Orang yang berdiri di balik pohon perlahan melangkah maju. Seorang perempuan tua, berkerudung lusuh dengan sorot mata kosong. Bukan perempuan yang pernah Lestari lihat dalam mimpinya, tapi ada aura serupa, dingin, kuno, dan tak berasal dari dunia yang sama.

"Kau datang," suara perempuan itu berat, nyaris tanpa intonasi. "Tapi kau terlambat satu malam."

"Apa maksudmu?" tanya Lestari. Ia memeluk mushaf lebih erat di dada. Angin malam seperti menghembuskan sesuatu yang tak terlihat ke arahnya.

"Seseorang sudah menanam darah di bawah rumahmu. Dan pintu itu… sudah terbuka."

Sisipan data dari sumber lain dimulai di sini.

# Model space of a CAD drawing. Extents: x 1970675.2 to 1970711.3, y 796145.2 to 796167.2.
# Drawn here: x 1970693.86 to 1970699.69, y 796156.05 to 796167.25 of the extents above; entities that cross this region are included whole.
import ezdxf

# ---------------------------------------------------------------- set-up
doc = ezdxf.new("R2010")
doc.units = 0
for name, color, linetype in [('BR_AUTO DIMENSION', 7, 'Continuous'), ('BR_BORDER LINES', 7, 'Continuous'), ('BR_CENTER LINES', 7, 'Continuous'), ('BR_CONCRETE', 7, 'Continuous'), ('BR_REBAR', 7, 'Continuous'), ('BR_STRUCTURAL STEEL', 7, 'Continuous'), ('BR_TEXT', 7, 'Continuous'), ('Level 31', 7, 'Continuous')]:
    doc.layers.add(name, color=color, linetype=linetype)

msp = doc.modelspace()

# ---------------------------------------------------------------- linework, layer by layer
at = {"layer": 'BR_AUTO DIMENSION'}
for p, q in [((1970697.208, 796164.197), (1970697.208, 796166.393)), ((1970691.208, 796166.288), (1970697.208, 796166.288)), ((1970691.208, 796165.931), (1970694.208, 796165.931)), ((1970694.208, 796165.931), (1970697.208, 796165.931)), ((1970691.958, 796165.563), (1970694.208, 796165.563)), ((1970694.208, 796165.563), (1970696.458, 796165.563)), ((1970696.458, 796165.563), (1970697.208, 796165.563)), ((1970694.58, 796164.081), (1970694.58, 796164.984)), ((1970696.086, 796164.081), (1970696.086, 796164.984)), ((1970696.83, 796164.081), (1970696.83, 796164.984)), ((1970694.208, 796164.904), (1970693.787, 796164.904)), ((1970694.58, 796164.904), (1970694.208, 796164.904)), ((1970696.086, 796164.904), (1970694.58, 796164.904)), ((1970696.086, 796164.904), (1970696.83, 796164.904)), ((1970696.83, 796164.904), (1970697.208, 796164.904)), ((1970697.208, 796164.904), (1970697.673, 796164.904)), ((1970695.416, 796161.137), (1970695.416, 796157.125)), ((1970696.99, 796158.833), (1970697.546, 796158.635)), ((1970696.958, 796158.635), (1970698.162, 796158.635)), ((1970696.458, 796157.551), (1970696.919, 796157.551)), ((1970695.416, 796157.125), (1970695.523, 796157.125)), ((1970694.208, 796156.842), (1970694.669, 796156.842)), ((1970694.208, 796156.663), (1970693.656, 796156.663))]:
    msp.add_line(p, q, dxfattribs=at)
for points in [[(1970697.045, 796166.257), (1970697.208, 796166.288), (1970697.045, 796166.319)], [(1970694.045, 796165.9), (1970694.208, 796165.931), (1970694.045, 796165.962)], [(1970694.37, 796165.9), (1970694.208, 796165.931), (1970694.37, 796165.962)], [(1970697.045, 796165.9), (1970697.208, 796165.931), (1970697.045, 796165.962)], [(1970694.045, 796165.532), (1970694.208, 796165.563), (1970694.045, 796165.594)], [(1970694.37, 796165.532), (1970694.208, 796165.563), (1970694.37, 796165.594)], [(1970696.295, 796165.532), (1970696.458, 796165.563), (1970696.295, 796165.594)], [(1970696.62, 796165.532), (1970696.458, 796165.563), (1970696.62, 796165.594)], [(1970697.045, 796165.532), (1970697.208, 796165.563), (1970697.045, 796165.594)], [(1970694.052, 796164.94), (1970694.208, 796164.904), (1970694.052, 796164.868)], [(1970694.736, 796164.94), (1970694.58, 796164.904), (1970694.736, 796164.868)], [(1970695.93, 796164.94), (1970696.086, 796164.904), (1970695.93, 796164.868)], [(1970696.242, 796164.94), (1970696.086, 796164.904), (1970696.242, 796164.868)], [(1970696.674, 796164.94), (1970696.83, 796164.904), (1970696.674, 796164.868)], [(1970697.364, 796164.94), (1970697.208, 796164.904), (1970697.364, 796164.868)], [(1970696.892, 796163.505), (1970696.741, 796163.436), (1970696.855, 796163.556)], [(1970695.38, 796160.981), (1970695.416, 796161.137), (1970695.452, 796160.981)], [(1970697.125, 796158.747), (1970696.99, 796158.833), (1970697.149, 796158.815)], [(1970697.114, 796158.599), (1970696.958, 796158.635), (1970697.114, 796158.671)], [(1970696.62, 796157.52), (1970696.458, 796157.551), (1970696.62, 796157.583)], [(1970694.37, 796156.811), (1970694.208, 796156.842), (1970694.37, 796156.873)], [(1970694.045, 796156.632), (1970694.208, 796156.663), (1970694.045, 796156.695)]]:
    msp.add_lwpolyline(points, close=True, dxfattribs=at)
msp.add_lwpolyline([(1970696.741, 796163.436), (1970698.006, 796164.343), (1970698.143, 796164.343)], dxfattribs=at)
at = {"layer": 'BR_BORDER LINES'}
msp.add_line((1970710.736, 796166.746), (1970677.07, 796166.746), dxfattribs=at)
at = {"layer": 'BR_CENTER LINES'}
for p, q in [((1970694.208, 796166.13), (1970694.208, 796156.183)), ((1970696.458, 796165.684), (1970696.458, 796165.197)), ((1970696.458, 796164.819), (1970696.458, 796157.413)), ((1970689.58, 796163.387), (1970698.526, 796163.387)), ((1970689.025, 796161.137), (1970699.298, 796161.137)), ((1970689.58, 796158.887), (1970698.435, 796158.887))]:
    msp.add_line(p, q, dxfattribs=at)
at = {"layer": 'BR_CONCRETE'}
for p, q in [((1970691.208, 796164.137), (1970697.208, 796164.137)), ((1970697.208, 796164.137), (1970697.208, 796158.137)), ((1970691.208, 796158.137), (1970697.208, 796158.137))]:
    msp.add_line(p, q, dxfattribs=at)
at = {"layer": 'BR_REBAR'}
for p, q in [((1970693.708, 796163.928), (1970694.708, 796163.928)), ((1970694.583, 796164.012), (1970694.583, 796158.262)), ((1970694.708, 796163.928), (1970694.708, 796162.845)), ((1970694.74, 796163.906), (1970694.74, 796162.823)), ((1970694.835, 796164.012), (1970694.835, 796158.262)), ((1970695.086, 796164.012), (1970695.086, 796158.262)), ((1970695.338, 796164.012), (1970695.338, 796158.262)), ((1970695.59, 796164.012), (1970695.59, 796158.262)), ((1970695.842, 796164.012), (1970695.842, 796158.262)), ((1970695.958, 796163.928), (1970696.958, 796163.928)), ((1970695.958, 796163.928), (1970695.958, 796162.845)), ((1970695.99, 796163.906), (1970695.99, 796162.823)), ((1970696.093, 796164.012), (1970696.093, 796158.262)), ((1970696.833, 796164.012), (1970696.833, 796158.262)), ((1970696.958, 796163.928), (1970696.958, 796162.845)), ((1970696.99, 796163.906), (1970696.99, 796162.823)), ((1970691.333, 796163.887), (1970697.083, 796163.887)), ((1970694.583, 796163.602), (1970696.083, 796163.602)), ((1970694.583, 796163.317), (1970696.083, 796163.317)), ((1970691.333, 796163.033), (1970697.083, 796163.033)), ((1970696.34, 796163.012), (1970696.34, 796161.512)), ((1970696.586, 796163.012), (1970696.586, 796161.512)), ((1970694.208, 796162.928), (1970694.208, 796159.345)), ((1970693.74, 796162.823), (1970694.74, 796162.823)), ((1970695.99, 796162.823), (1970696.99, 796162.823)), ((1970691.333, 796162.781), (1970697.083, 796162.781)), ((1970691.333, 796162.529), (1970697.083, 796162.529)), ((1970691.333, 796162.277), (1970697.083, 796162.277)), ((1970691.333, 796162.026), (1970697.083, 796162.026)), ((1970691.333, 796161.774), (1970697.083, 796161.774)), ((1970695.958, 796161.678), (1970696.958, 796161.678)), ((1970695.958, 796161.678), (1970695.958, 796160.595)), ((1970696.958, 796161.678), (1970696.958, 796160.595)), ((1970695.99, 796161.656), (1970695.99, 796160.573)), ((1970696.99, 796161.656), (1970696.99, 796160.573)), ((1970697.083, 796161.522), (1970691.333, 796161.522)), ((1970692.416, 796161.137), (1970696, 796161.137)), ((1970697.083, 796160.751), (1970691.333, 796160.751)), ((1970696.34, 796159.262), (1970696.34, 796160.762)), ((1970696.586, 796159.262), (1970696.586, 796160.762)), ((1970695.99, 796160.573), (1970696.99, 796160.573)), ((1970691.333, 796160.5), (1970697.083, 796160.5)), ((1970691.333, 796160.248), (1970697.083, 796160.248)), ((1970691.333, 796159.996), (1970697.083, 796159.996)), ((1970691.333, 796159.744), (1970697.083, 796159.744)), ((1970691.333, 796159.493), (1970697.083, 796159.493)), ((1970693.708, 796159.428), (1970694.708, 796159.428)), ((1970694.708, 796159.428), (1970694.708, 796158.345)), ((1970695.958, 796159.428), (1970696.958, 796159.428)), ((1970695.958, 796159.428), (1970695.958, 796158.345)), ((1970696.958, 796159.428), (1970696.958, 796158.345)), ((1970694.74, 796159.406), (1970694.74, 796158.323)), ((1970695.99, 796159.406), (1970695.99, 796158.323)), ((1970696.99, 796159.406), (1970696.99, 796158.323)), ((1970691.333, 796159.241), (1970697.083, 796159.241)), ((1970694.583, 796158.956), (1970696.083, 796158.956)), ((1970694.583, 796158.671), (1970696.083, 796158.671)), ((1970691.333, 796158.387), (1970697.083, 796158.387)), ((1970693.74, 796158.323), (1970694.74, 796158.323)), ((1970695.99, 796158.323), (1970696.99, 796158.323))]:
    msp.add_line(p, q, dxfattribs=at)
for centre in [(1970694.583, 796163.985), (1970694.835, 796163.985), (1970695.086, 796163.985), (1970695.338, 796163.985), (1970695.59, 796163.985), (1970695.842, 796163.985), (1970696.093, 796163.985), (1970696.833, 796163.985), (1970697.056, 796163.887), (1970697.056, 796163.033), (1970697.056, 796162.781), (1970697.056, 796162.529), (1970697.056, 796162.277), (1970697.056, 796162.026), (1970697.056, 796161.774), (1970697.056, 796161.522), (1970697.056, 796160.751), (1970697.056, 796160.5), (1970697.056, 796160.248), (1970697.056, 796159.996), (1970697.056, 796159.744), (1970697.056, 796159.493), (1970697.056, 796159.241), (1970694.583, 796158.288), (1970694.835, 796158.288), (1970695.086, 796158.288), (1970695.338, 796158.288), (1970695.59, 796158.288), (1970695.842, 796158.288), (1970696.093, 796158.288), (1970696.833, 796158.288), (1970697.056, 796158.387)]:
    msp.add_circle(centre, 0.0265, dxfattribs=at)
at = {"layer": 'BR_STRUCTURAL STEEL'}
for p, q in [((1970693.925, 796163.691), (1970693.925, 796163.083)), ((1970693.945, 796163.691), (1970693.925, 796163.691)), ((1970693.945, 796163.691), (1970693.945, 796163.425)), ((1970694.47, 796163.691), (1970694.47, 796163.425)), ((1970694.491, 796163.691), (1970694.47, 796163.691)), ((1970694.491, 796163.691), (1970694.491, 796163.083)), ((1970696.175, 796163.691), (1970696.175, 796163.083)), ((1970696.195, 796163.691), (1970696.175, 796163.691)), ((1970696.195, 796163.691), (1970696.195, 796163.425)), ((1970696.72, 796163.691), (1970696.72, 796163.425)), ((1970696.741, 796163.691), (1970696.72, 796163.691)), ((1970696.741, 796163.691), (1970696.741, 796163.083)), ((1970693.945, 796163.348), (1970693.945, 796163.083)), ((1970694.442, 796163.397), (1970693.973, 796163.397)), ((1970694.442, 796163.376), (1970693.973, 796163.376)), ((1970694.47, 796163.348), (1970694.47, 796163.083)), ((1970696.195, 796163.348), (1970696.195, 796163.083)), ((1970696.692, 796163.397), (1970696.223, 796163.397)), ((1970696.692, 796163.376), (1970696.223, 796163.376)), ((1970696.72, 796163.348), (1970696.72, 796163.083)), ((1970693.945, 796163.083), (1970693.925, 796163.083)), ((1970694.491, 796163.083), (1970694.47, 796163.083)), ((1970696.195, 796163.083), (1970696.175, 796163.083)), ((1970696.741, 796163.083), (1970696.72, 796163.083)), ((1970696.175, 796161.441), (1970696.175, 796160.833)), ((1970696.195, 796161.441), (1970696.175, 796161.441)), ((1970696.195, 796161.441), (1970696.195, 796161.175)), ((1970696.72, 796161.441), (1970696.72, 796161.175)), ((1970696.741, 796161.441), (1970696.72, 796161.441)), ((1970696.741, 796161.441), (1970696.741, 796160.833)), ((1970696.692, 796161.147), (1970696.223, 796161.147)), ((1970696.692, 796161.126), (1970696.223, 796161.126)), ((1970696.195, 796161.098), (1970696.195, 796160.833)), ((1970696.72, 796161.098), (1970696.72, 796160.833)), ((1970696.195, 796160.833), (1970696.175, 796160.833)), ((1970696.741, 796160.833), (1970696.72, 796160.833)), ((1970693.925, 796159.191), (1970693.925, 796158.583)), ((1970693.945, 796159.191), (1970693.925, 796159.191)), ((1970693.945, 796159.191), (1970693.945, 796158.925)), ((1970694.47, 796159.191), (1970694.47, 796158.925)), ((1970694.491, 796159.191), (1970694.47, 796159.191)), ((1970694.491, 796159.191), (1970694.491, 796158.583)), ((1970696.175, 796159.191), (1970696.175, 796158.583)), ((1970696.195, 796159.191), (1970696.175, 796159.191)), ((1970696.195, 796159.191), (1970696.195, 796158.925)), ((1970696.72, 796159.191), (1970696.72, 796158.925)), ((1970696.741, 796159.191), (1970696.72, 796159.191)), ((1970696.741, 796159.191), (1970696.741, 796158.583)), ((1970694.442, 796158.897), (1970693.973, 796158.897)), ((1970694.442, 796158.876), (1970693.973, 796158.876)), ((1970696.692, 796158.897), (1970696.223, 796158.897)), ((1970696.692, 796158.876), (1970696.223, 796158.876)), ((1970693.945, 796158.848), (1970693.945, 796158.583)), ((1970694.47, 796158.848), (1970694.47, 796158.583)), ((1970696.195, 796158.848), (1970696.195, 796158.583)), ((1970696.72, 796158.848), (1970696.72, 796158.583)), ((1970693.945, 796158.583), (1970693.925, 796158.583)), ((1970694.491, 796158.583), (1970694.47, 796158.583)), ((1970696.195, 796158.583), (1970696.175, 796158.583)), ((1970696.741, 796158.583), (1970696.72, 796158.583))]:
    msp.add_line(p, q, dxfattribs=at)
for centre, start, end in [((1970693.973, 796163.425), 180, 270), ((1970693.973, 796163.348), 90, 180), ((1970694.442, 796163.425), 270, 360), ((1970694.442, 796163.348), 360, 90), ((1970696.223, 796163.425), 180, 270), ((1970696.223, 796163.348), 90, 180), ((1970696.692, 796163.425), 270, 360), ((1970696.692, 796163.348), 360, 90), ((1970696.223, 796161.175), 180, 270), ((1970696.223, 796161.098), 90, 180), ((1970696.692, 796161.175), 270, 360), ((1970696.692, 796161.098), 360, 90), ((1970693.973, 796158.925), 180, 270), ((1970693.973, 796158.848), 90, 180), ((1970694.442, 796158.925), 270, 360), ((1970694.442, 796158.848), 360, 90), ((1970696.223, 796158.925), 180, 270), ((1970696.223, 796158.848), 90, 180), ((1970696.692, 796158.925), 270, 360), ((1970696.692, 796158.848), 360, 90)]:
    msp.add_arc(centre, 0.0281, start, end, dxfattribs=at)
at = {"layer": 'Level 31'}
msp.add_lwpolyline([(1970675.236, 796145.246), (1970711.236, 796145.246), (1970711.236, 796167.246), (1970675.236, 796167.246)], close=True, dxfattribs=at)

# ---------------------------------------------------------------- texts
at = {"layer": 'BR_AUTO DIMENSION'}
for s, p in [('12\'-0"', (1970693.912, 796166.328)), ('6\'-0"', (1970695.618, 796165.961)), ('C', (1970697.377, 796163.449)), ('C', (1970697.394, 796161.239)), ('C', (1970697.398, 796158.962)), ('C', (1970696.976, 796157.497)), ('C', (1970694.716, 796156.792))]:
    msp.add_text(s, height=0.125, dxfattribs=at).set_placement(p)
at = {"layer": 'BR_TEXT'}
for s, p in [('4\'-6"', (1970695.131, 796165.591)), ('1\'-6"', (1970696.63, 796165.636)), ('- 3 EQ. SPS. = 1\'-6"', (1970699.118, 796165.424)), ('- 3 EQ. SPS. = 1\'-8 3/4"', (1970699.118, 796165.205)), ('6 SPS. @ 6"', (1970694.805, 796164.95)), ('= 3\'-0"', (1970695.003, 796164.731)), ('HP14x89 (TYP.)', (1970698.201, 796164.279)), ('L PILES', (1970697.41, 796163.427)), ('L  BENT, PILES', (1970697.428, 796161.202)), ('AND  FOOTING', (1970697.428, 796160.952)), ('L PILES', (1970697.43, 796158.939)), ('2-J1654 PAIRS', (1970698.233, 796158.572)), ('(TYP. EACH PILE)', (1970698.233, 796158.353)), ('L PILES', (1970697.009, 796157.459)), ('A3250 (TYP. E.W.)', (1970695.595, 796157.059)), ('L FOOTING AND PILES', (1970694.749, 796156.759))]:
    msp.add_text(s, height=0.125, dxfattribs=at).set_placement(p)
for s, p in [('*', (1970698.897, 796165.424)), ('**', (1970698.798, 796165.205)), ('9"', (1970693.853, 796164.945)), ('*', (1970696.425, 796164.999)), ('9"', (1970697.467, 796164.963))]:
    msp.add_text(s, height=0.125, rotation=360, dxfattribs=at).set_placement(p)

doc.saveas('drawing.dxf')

Lestari menelan ludah. "Apa yang harus aku lakukan?"

Perempuan itu menyodorkan sebuah kendi kecil dari tanah liat. Permukaannya dipenuhi ukiran kuno.

"Isi ini dengan air doa, campurkan rambutmu dan setetes darah dari tangan kananmu. Letakkan di bawah loteng rumahmu sebelum fajar. Jika tidak... yang bersembunyi di balik istri muda suamimu akan sepenuhnya mengambil alih."

Lestari menatap kendi itu dengan gentar. "Siapa sebenarnya kamu?"

"Aku hanya penjaga gerbang. Yang bisa menyampaikan, tapi tak bisa menyelamatkan." Lalu ia memutar tubuh, perlahan berjalan ke arah bayang-bayang beringin. Dalam sekejap, perempuan itu menghilang, seolah menyatu dengan kabut.

Lestari masi berdiri di bawah pohon beringin, angin malam mengaduk rambut dan perasaannya. Kendi tanah liat hangat dalam genggamannya, masih terasa sedikit getar dari doa-doa yang baru saja ia bacakan. Hatinya dipenuhi firasat, malam ini bukan malam biasa.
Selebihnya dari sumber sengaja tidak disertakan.